Why? Because while the project is getting bigger, when including new requirements or evolving current components, will be easier to work with the project and evolve it, reducing costs and tehcnical debt.

At the time of writing this, Mantra site is based on 80 differents components with no more than 1 KLOC by each at the most.

How to decide the way you distribute your functionality? Easy, remembering SRP principle (single responsability principle), in Mantra culture we usually say that 1 component = 1 specific functionality.

This is the key for building big projects that evolve considerably over time with components highly decoupled between them.

Mantra assets organization allow you to do this.

In "ComponentsLocations" property of mantraconfig.json project configuration file, you can set a number of different folders to organize all your components; for instance:

"ComponentsLocations": [
   "components/admin",
   "components/base",
   "components/mantrakit",
   "components/orquestation",
   "components/publicapi"]

As you can see in this example, there exists five differents folder for specific components according to their purposes:

  • "components/admin": for admin components.

  • "components/base": for components that expose specific functionality for final users.

  • "components/mantrakit": a number of standard Mantra components downloaded from this site.

  • "components/orchestration": for components in charge of orchestrating events raised in the system for implementing high level functionality.

  • "components/publicapi": for components that are in charge of implementing all stuff regarding to a public REST API.

You can set the distribution of your components that best suits to them.

On the other hand, usually, a functionality for a given area of an application, needs administration and final user functionality, for instance.

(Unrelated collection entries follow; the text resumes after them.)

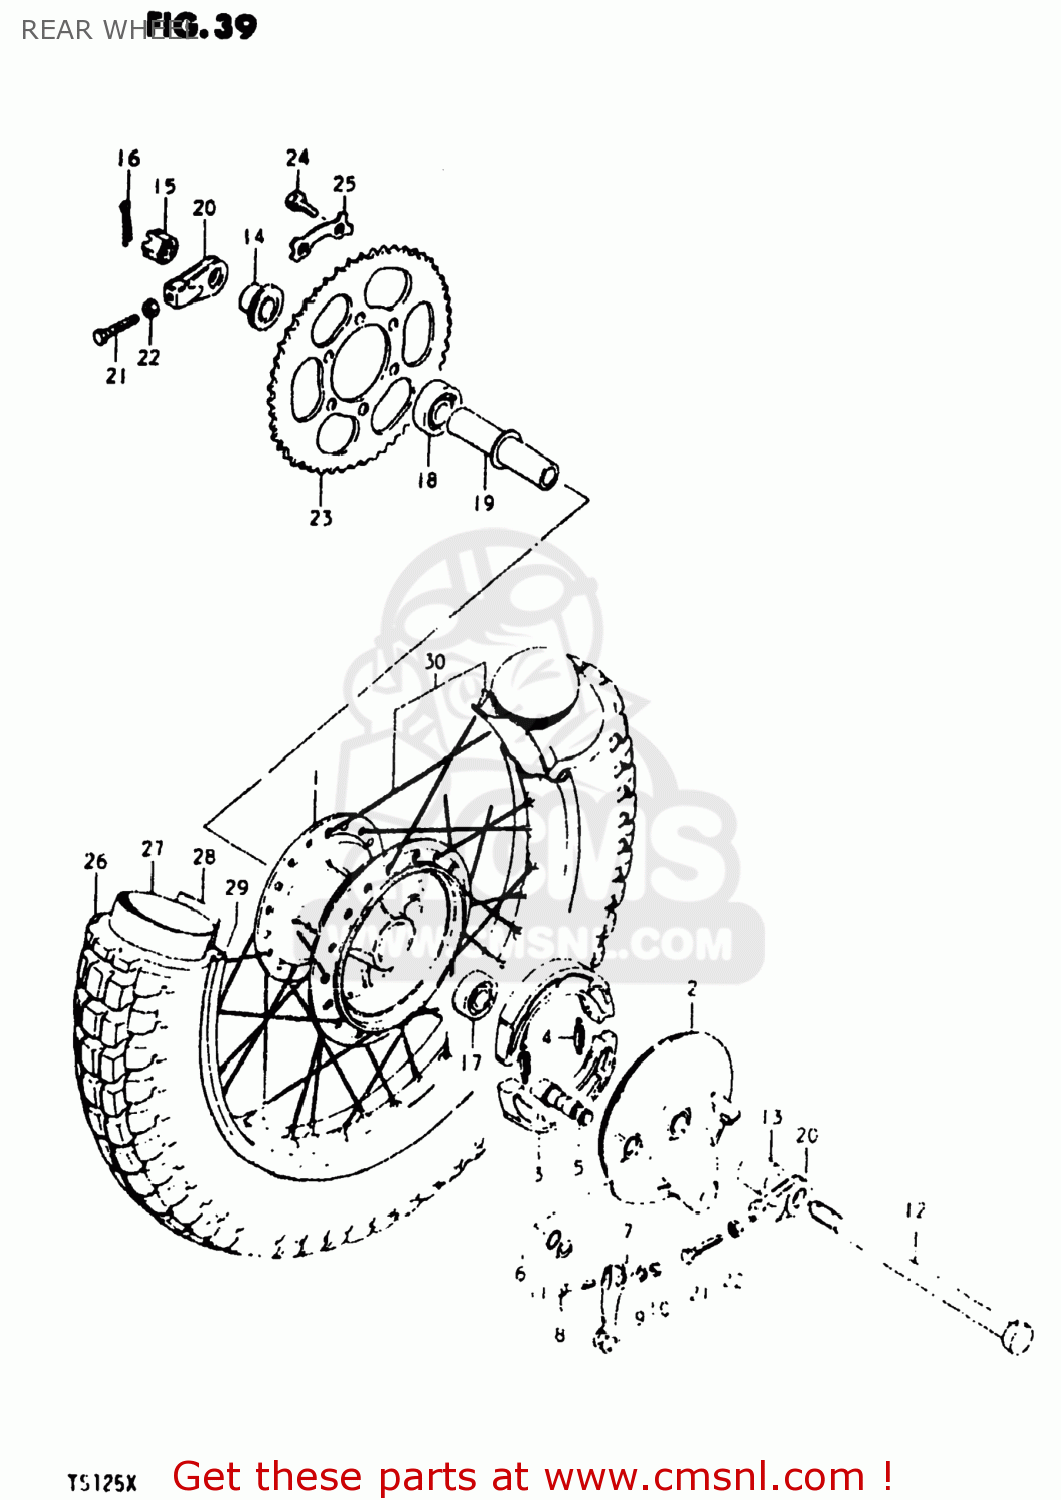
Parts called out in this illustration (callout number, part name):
1	HUB,REAR WHEEL
2	PANEL,RR BRAKE ANCHOR
3	SHOE,BRAKE
4	SPRING(L:34)
5	CAM,FRONT BRAKE
6	O-RING (D:2.4 ID:13.8)
7	LEVER,REAR BRAKE CAM
8	BOLT 6X40
9	WASHER
10	NUT
11	WASHER (14.5X22X1.6)
12	AXLE,REAR
13	SPACER(15.2X22X26)
14	SPACER,RR AXLE,L
15	NUT
16	COTTER PIN
17	BEARING
18	BEARING
19	SPACER,RR WHEEL HUB BEARING
20	ADJUSTER,CHAIN,R
21	BOLT(8X40)
22	NUT
23	SPROCKET,RR
24	BOLT(8X30)
25	WASHER
26	TIRE 4.10-18 105-458MM
27	TUBE ASSEMBLY,WHEEL,INNER
28	PROTECTOR,INNER TUBE
29	RIM,WHEEL(1.85X18)
30	SPOKE SET
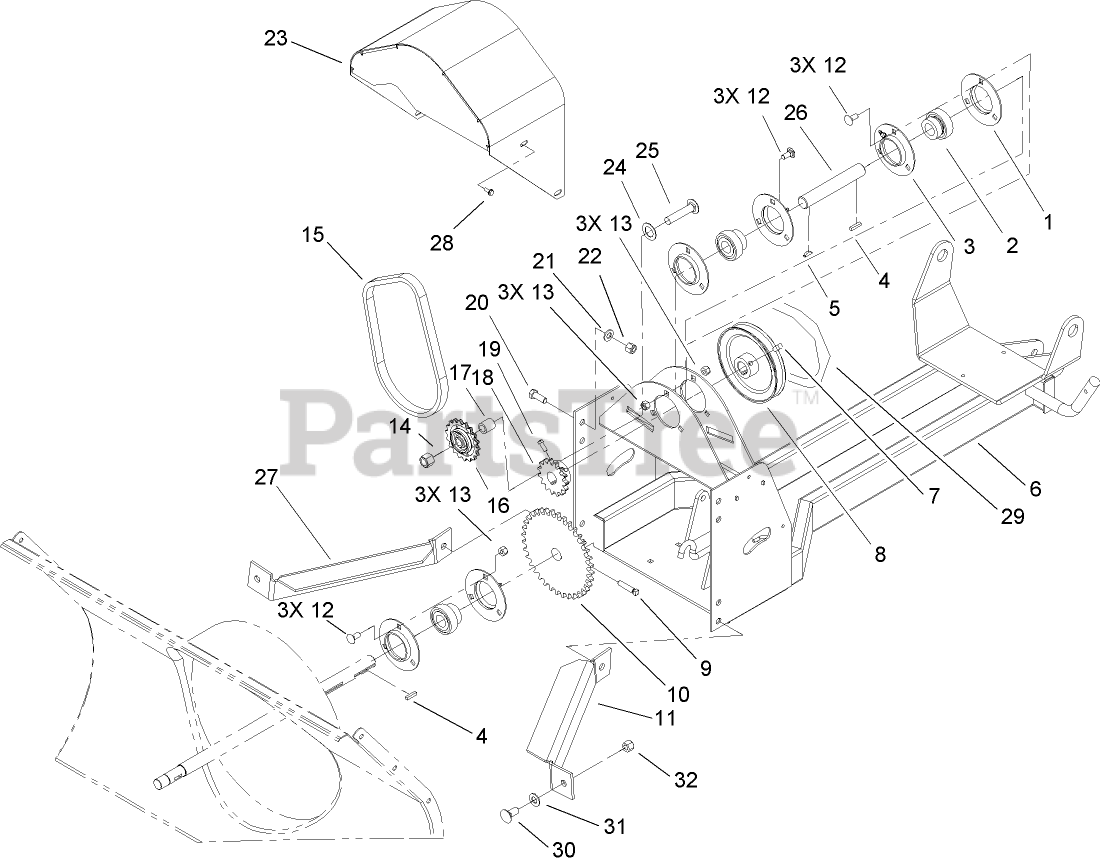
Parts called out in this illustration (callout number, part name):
1	Flange
2	BEARING AND COLLAR
3	FLANGE-RELUBE
4	KEY
5	KEY-HI PRO
6	FRAME ASM
7	SCREW-SQH
8	PULLEY - GEAR BOX
9	SCREW-SET
10	SPROCKET - 38 TOOTH
11	BRACE-HOUSING LH
12	BOLT-CARR
13	NUT-LOCK, NI
14	NUT-LOCK, NI
15	CHAIN-DRIVE
16	SPROCKET-IDLER
17	SPACER-IDLER
18	SPROCKET-15 T
19	SCREW-SET
20	SCREW-HH
21	WASHER-FLAT
22	NUT-LOCK, NI
23	BELT COVER ASM
24	WASHER
25	SCREW-CARR
26	SHAFT-JACK
27	BRACE-HOUSING RH
28	SCREW-TAPTITE
29	V-BELT
30	SCREW-CARR
31	WASHER-FLAT
32	NUT-LOCK, NI

In this case, Mantra development culture encourages you to develop two differents components: one for admin purposes and other for end user functionality.

As an example, given a component named "users" for managing all stuff related to users, we can have 3 differents components:

  • "users-core": the main component the defines a data model and an API to exposes its base functionality and CRUD operations.

  • "users-ui": the component that implements all views and blocks to show in the user interfaces.

  • "users-admin": the component that includes all admin stuff related to users, including, maybe, some commands for any kind of maintenance tasks.

The way you split the functionality of your components and how they are organized as assets in the project is very important for its maintenability and the reusability of the components.